The Postgres connector relies on PostgreSQL’s replication protocol to access changes in real-time from the server’s transaction logs. It then transforms this information into a specific format, such as Protobuf or JSON, and sends it to an output destination. Each event gets structured as a key/value pair, where the key represents the primary key of the table, and the value includes details such as the before and after states of the change, along with additional metadata.
Data distribution
CDC systems typically incorporate a message broker component to propagate the Debezium events. Apache Kafka stands out for this purpose because of a few advantages: scalability to handle large volumes of data, persistence of messages, guaranteed ordering per partition, and compaction capability, where multiple changes on the same record can optionally be easily rolled into one. From the message queue, client applications can then read events that correspond to the database tables of interest, and react to every row-level event they receive.
Patterns
There are countless use cases where CDC systems are invaluable. You can use them to build notification systems instead of relying on callbacks, to invalidate caches, to update search indexes, to migrate data without downtime, to update vector embeddings, or to perform point-in-time data recovery, to name a few. I’ll highlight below some common CDC system patterns I've personally seen in production environments.

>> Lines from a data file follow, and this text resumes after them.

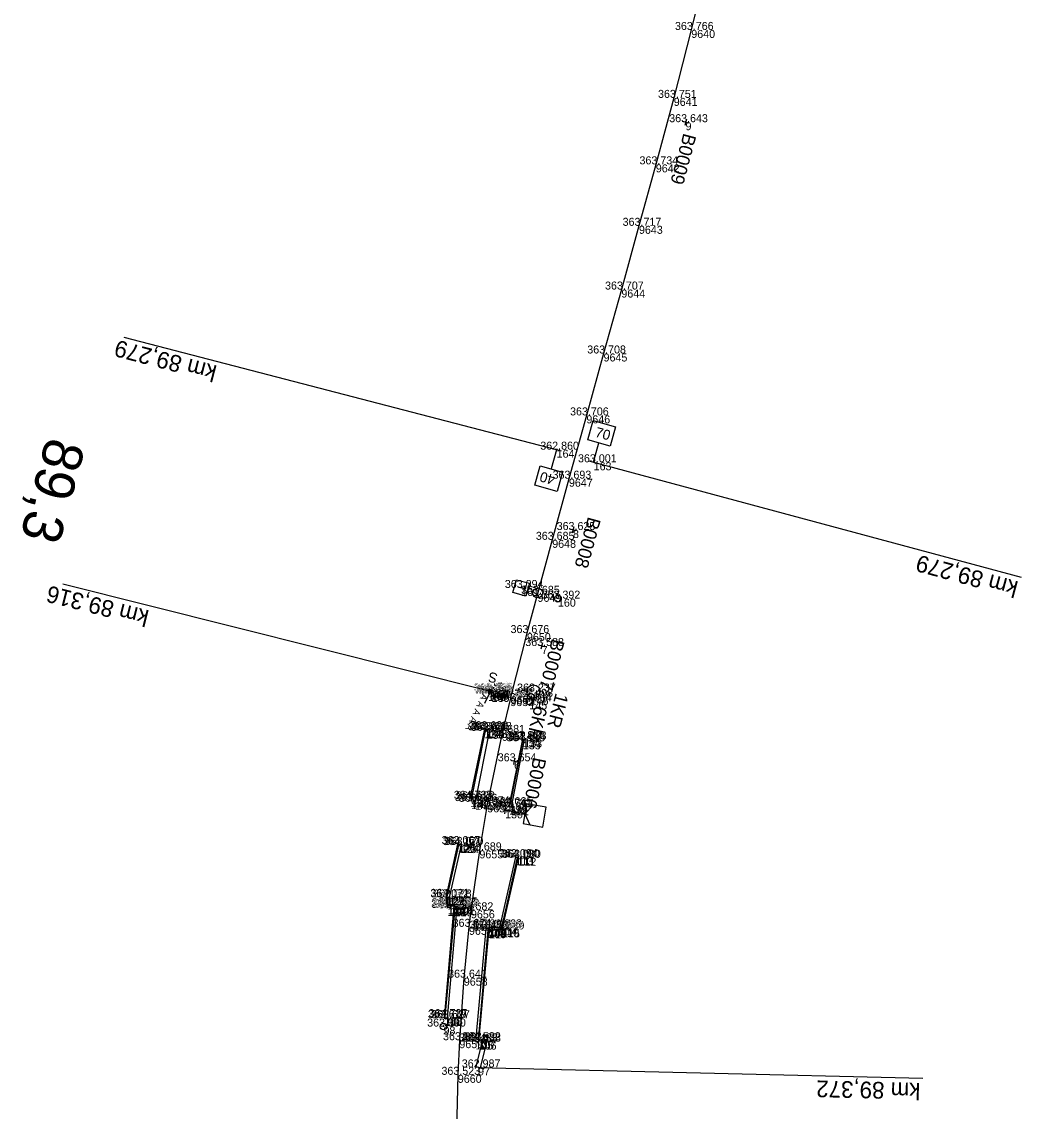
# Model space of a CAD drawing. Extents: x -599511 to -595511, y -1067427 to -1062061.
# Drawn here: x -595742.8 to -595592.8, y -1067096.5 to -1066933.1 of the extents above; entities that cross this region are included whole.
import ezdxf

# ---------------------------------------------------------------- set-up
doc = ezdxf.new("R2010")
doc.units = 0
for name, color, linetype in [('Vrstva 1', 7, 'Continuous'), ('Vrstva 12', 7, 'Continuous'), ('Vrstva 17', 7, 'Continuous'), ('Vrstva 18', 7, 'Continuous'), ('Vrstva 27', 7, 'Continuous'), ('Vrstva 33', 7, 'Continuous'), ('Vrstva 43', 7, 'Continuous'), ('Vrstva 49', 7, 'Continuous'), ('Vrstva 5', 7, 'Continuous'), ('Vrstva 50', 7, 'Continuous'), ('Vrstva 6', 7, 'Continuous'), ('Vrstva 60', 7, 'Continuous'), ('Vrstva 61', 7, 'Continuous'), ('Vrstva 7', 7, 'Continuous')]:
    doc.layers.add(name, color=color, linetype=linetype)

msp = doc.modelspace()

# ---------------------------------------------------------------- linework, layer by layer
at = {"layer": 'Vrstva 1'}
msp.add_lwpolyline([(-595640.14, -1066925.35), (-595642.33, -1066934.34), (-595644.96, -1066944.53), (-595647.65, -1066954.5), (-595650.18, -1066963.72), (-595652.82, -1066973.28), (-595655.49, -1066982.87), (-595658.07, -1066992.16), (-595660.69, -1067001.65), (-595663.2, -1067010.82), (-595665.41, -1067018.92), (-595666.99, -1067024.81), (-595669.42, -1067034.28), (-595669.48, -1067034.56), (-595670.73, -1067039.78), (-595672.94, -1067050.5), (-595674.12, -1067057.4), (-595675.39, -1067066.39), (-595675.69, -1067068.87), (-595676.46, -1067076.5), (-595677.13, -1067085.88), (-595677.36, -1067091.07), (-595677.54, -1067099.36)], dxfattribs=at)
at = {"layer": 'Vrstva 12'}
for p, q in [((-595672.83, -1067033.8), (-595672.83, -1067033.8)), ((-595672.7, -1067033.24), (-595672.7, -1067033.24)), ((-595672.14, -1067033.37), (-595672.14, -1067033.37)), ((-595672.29, -1067033.93), (-595672.28, -1067033.93))]:
    msp.add_line(p, q, dxfattribs=at)
for points in [[(-595672.7, -1067033.24), (-595672.83, -1067033.8), (-595672.28, -1067033.93), (-595672.14, -1067033.37)], [(-595672.7, -1067033.24), (-595672.83, -1067033.8), (-595672.29, -1067033.93), (-595672.14, -1067033.37)]]:
    msp.add_lwpolyline(points, close=True, dxfattribs=at)
at = {"layer": 'Vrstva 17'}
for p, q in [((-595669.51, -1067050.63), (-595667.6, -1067041.04)), ((-595677.83, -1067066.09), (-595679.29, -1067082.42)), ((-595678.84, -1067065.79), (-595677.76, -1067065.66)), ((-595674.28, -1067085.88), (-595672.79, -1067069.37))]:
    msp.add_line(p, q, dxfattribs=at)
for points in [[(-595675.16, -1067049.76), (-595675.51, -1067049.67), (-595673.38, -1067039.4), (-595673.04, -1067039.47)], [(-595677.25, -1067056.61), (-595679, -1067064.38), (-595678.84, -1067065.79)], [(-595672.79, -1067069.31), (-595670.83, -1067069.2), (-595668.43, -1067058.47)]]:
    msp.add_lwpolyline(points, dxfattribs=at)
at = {"layer": 'Vrstva 18'}
for p, q in [((-595673.15, -1067069.15), (-595674.72, -1067086.07)), ((-595674.23, -1067086.09), (-595672.68, -1067069.19)), ((-595672.68, -1067069.19), (-595673.15, -1067069.15)), ((-595674.72, -1067086.07), (-595674.23, -1067086.09))]:
    msp.add_line(p, q, dxfattribs=at)
for points in [[(-595673.15, -1067039.23), (-595672.61, -1067039.34), (-595674.77, -1067050.12), (-595675.34, -1067050.01)], [(-595669.67, -1067050.83), (-595667.62, -1067040.71), (-595667.4, -1067040.76), (-595669.36, -1067050.94)], [(-595677.34, -1067056.46), (-595676.88, -1067056.58), (-595678.65, -1067064.45), (-595678.44, -1067065.97), (-595678.9, -1067066.03), (-595679.12, -1067064.45)], [(-595679.41, -1067082.55), (-595678.91, -1067082.58), (-595677.47, -1067065.86), (-595677.94, -1067065.82)]]:
    msp.add_lwpolyline(points, close=True, dxfattribs=at)
msp.add_lwpolyline([(-595672.64, -1067069.43), (-595670.72, -1067069.26), (-595668.26, -1067058.52), (-595668.73, -1067058.42), (-595671.09, -1067068.95), (-595672.65, -1067068.99), (-595672.64, -1067069.43)], dxfattribs=at)
at = {"layer": 'Vrstva 27'}
for p, q in [((-595666.62, -1067035), (-595666.64, -1067035.1)), ((-595666.42, -1067034.32), (-595666.44, -1067034.41))]:
    msp.add_line(p, q, dxfattribs=at)
for centre in [(-595666.63, -1067035.05), (-595666.43, -1067034.37)]:
    msp.add_circle(centre, 0.5, dxfattribs=at)
at = {"layer": 'Vrstva 33'}
for p, q in [((-595667.38, -1067018.17), (-595668.35, -1067017.91)), ((-595667.25, -1067017.69), (-595667.51, -1067018.65))]:
    msp.add_line(p, q, dxfattribs=at)
msp.add_lwpolyline([(-595666.63, -1067017.34), (-595667.16, -1067019.27), (-595669.09, -1067018.74), (-595668.56, -1067016.81), (-595666.63, -1067017.34)], dxfattribs=at)
at = {"layer": 'Vrstva 43'}
msp.add_circle((-595666.02, -1067033.58), 1, dxfattribs=at)
at = {"layer": 'Vrstva 49'}
for p, q in [((-595672.21, -1067033.46), (-595672.63, -1067033.72)), ((-595672.55, -1067033.38), (-595672.29, -1067033.8))]:
    msp.add_line(p, q, dxfattribs=at)
at = {"layer": 'Vrstva 5'}
for p, q in [((-595662.54, -1066997.3), (-595727.44, -1066980.47)), ((-595662.54, -1066997.3), (-595663.34, -1067000.19)), ((-595661.81, -1066997.5), (-595663.26, -1066997.1)), ((-595656.98, -1066999.19), (-595656.18, -1066996.29)), ((-595657.7, -1066998.99), (-595656.25, -1066999.39)), ((-595656.98, -1066999.19), (-595592.82, -1067016.44))]:
    msp.add_line(p, q, dxfattribs=at)
for points in [[(-595654.49, -1066996.76), (-595657.86, -1066995.83), (-595657.07, -1066992.94), (-595653.69, -1066993.87)], [(-595665.02, -1066999.73), (-595661.65, -1067000.66), (-595662.45, -1067003.55), (-595665.82, -1067002.62)]]:
    msp.add_lwpolyline(points, close=True, dxfattribs=at)
at = {"layer": 'Vrstva 50'}
msp.add_line((-595679.5, -1067083.78), (-595679.51, -1067083.88), dxfattribs=at)
msp.add_circle((-595679.51, -1067083.83), 0.5, dxfattribs=at)
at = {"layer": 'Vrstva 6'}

Microservice synchronization
In a microservice based architecture, each service often maintains its own standalone database. For instance, a user service might handle user data, while a friends service manages friend-related information. You might want to combine the data into a materialized view or replicate it to Elasticsearch to power queries such as “give me a user named Mary who has 2 friends”. CDC facilitates the decoupling of systems by enabling real-time data sharing across different components without direct message passing, thus supporting the scalability and flexibility required by these architectures.
Audit Trails
CDC offers the most reliable and performant approach for building robust audit trails. The low-level data change events can be stitched with additional metadata to better record who made the change and why it was made. I'm one of the contributors to Bemi, an open-source tool that provides automatic audit trails, and we did this by creating libraries that inserted additional custom application-specific context (userID, API endpoint, etc.) in the database transaction logs using a similar technique to Google's Sqlcommenter. We stitch this information together in a CDC system and then store the enriched data in a queryable database.
Conclusion
As demand for CDC grows, understanding it is becoming increasingly essential for today's developers. And as developer tooling in this space continues to improve, the countless use cases powered by CDC will continue to get more accessible.
I've intentionally glossed over a lot of CDC details in this blog to keep it short. But I'd recommend checking out the Bemi source code to see how CDC systems that have handled billions of data changes actually work under the hood!